Reprint each record exactly. Pictures are not reprinted.
--- START ---
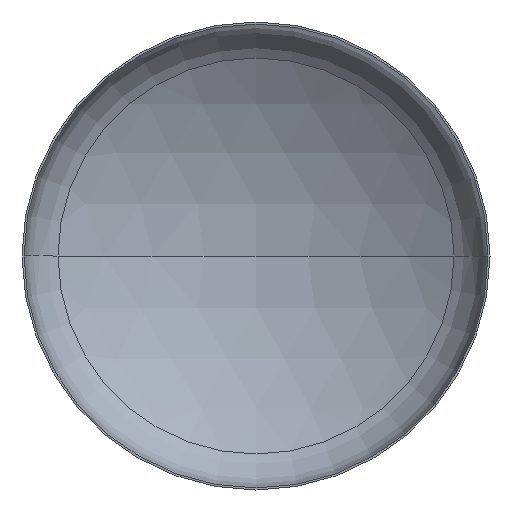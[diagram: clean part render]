
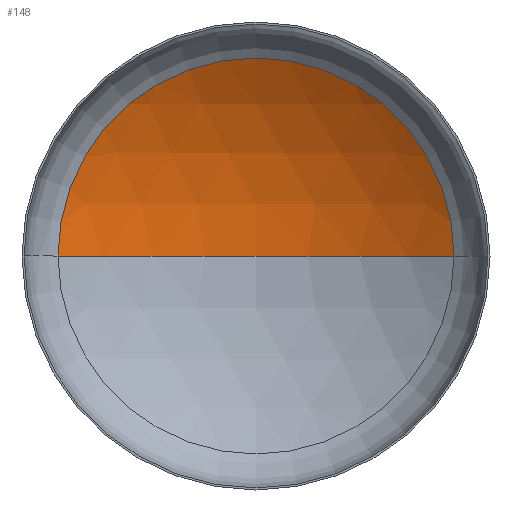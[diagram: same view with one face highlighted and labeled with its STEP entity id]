
A CAD part, front view. The second image highlights one B-rep face of the part: STEP entity #148.
In plain terms, the highlighted spherical face has radius 6000 mm.
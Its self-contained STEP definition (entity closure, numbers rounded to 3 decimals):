
#10 = ORIENTED_EDGE ( 'NONE', *, *, #264, .F. ) ;
#35 = VERTEX_POINT ( 'NONE', #247 ) ;
#79 = EDGE_LOOP ( 'NONE', ( #10, #85, #80 ) ) ;
#80 = ORIENTED_EDGE ( 'NONE', *, *, #256, .T. ) ;
#85 = ORIENTED_EDGE ( 'NONE', *, *, #258, .T. ) ;
#91 = SPHERICAL_SURFACE ( 'NONE', #221, 6000. ) ;
#96 = VERTEX_POINT ( 'NONE', #209 ) ;
#128 = AXIS2_PLACEMENT_3D ( 'NONE', #242, #275, #273 ) ;
#130 = VERTEX_POINT ( 'NONE', #335 ) ;
#140 = AXIS2_PLACEMENT_3D ( 'NONE', #192, #187, #191 ) ;
#145 = AXIS2_PLACEMENT_3D ( 'NONE', #248, #304, #161 ) ;
#148 = ADVANCED_FACE ( 'NONE', ( #342 ), #91, .F. ) ;
#161 = DIRECTION ( 'NONE',  ( 1., 0., 0. ) ) ;
#163 = CIRCLE ( 'NONE', #140, 6000. ) ;
#187 = DIRECTION ( 'NONE',  ( 0., 0., -1. ) ) ;
#191 = DIRECTION ( 'NONE',  ( -1., 0., 0. ) ) ;
#192 = CARTESIAN_POINT ( 'NONE',  ( 0., -4012.199, 0. ) ) ;
#207 = CARTESIAN_POINT ( 'NONE',  ( 0., -4012.199, 0. ) ) ;
#209 = CARTESIAN_POINT ( 'NONE',  ( 3172.755, 1080.308, 0. ) ) ;
#221 = AXIS2_PLACEMENT_3D ( 'NONE', #207, #324, #321 ) ;
#242 = CARTESIAN_POINT ( 'NONE',  ( 0., -4012.199, 0. ) ) ;
#243 = CIRCLE ( 'NONE', #145, 3172.755 ) ;
#247 = CARTESIAN_POINT ( 'NONE',  ( -3172.755, 1080.308, 0. ) ) ;
#248 = CARTESIAN_POINT ( 'NONE',  ( 0., 1080.308, 0. ) ) ;
#256 = EDGE_CURVE ( 'NONE', #96, #35, #243, .T. ) ;
#258 = EDGE_CURVE ( 'NONE', #130, #96, #163, .T. ) ;
#264 = EDGE_CURVE ( 'NONE', #130, #35, #362, .T. ) ;
#273 = DIRECTION ( 'NONE',  ( 1., 0., 0. ) ) ;
#275 = DIRECTION ( 'NONE',  ( 0., 0., 1. ) ) ;
#304 = DIRECTION ( 'NONE',  ( 0., -1., 0. ) ) ;
#321 = DIRECTION ( 'NONE',  ( -1., 0., 0. ) ) ;
#324 = DIRECTION ( 'NONE',  ( 0., 0., -1. ) ) ;
#335 = CARTESIAN_POINT ( 'NONE',  ( 0., 1987.801, 0. ) ) ;
#342 = FACE_OUTER_BOUND ( 'NONE', #79, .T. ) ;
#362 = CIRCLE ( 'NONE', #128, 6000. ) ;
--- END ---
§ **ANSWER SPACE**
[diagram: clean part render]
[diagram: same view with one face highlighted and labeled with its STEP entity id]
A CAD part, front view. The second image highlights one B-rep face of the part: STEP entity #148.
In plain terms, the highlighted spherical face has radius 6000 mm.
Its self-contained STEP definition (entity closure, numbers rounded to 3 decimals):
#10 = ORIENTED_EDGE ( 'NONE', *, *, #264, .F. ) ;
#35 = VERTEX_POINT ( 'NONE', #247 ) ;
#79 = EDGE_LOOP ( 'NONE', ( #10, #85, #80 ) ) ;
#80 = ORIENTED_EDGE ( 'NONE', *, *, #256, .T. ) ;
#85 = ORIENTED_EDGE ( 'NONE', *, *, #258, .T. ) ;
#91 = SPHERICAL_SURFACE ( 'NONE', #221, 6000. ) ;
#96 = VERTEX_POINT ( 'NONE', #209 ) ;
#128 = AXIS2_PLACEMENT_3D ( 'NONE', #242, #275, #273 ) ;
#130 = VERTEX_POINT ( 'NONE', #335 ) ;
#140 = AXIS2_PLACEMENT_3D ( 'NONE', #192, #187, #191 ) ;
#145 = AXIS2_PLACEMENT_3D ( 'NONE', #248, #304, #161 ) ;
#148 = ADVANCED_FACE ( 'NONE', ( #342 ), #91, .F. ) ;
#161 = DIRECTION ( 'NONE',  ( 1., 0., 0. ) ) ;
#163 = CIRCLE ( 'NONE', #140, 6000. ) ;
#187 = DIRECTION ( 'NONE',  ( 0., 0., -1. ) ) ;
#191 = DIRECTION ( 'NONE',  ( -1., 0., 0. ) ) ;
#192 = CARTESIAN_POINT ( 'NONE',  ( 0., -4012.199, 0. ) ) ;
#207 = CARTESIAN_POINT ( 'NONE',  ( 0., -4012.199, 0. ) ) ;
#209 = CARTESIAN_POINT ( 'NONE',  ( 3172.755, 1080.308, 0. ) ) ;
#221 = AXIS2_PLACEMENT_3D ( 'NONE', #207, #324, #321 ) ;
#242 = CARTESIAN_POINT ( 'NONE',  ( 0., -4012.199, 0. ) ) ;
#243 = CIRCLE ( 'NONE', #145, 3172.755 ) ;
#247 = CARTESIAN_POINT ( 'NONE',  ( -3172.755, 1080.308, 0. ) ) ;
#248 = CARTESIAN_POINT ( 'NONE',  ( 0., 1080.308, 0. ) ) ;
#256 = EDGE_CURVE ( 'NONE', #96, #35, #243, .T. ) ;
#258 = EDGE_CURVE ( 'NONE', #130, #96, #163, .T. ) ;
#264 = EDGE_CURVE ( 'NONE', #130, #35, #362, .T. ) ;
#273 = DIRECTION ( 'NONE',  ( 1., 0., 0. ) ) ;
#275 = DIRECTION ( 'NONE',  ( 0., 0., 1. ) ) ;
#304 = DIRECTION ( 'NONE',  ( 0., -1., 0. ) ) ;
#321 = DIRECTION ( 'NONE',  ( -1., 0., 0. ) ) ;
#324 = DIRECTION ( 'NONE',  ( 0., 0., -1. ) ) ;
#335 = CARTESIAN_POINT ( 'NONE',  ( 0., 1987.801, 0. ) ) ;
#342 = FACE_OUTER_BOUND ( 'NONE', #79, .T. ) ;
#362 = CIRCLE ( 'NONE', #128, 6000. ) ;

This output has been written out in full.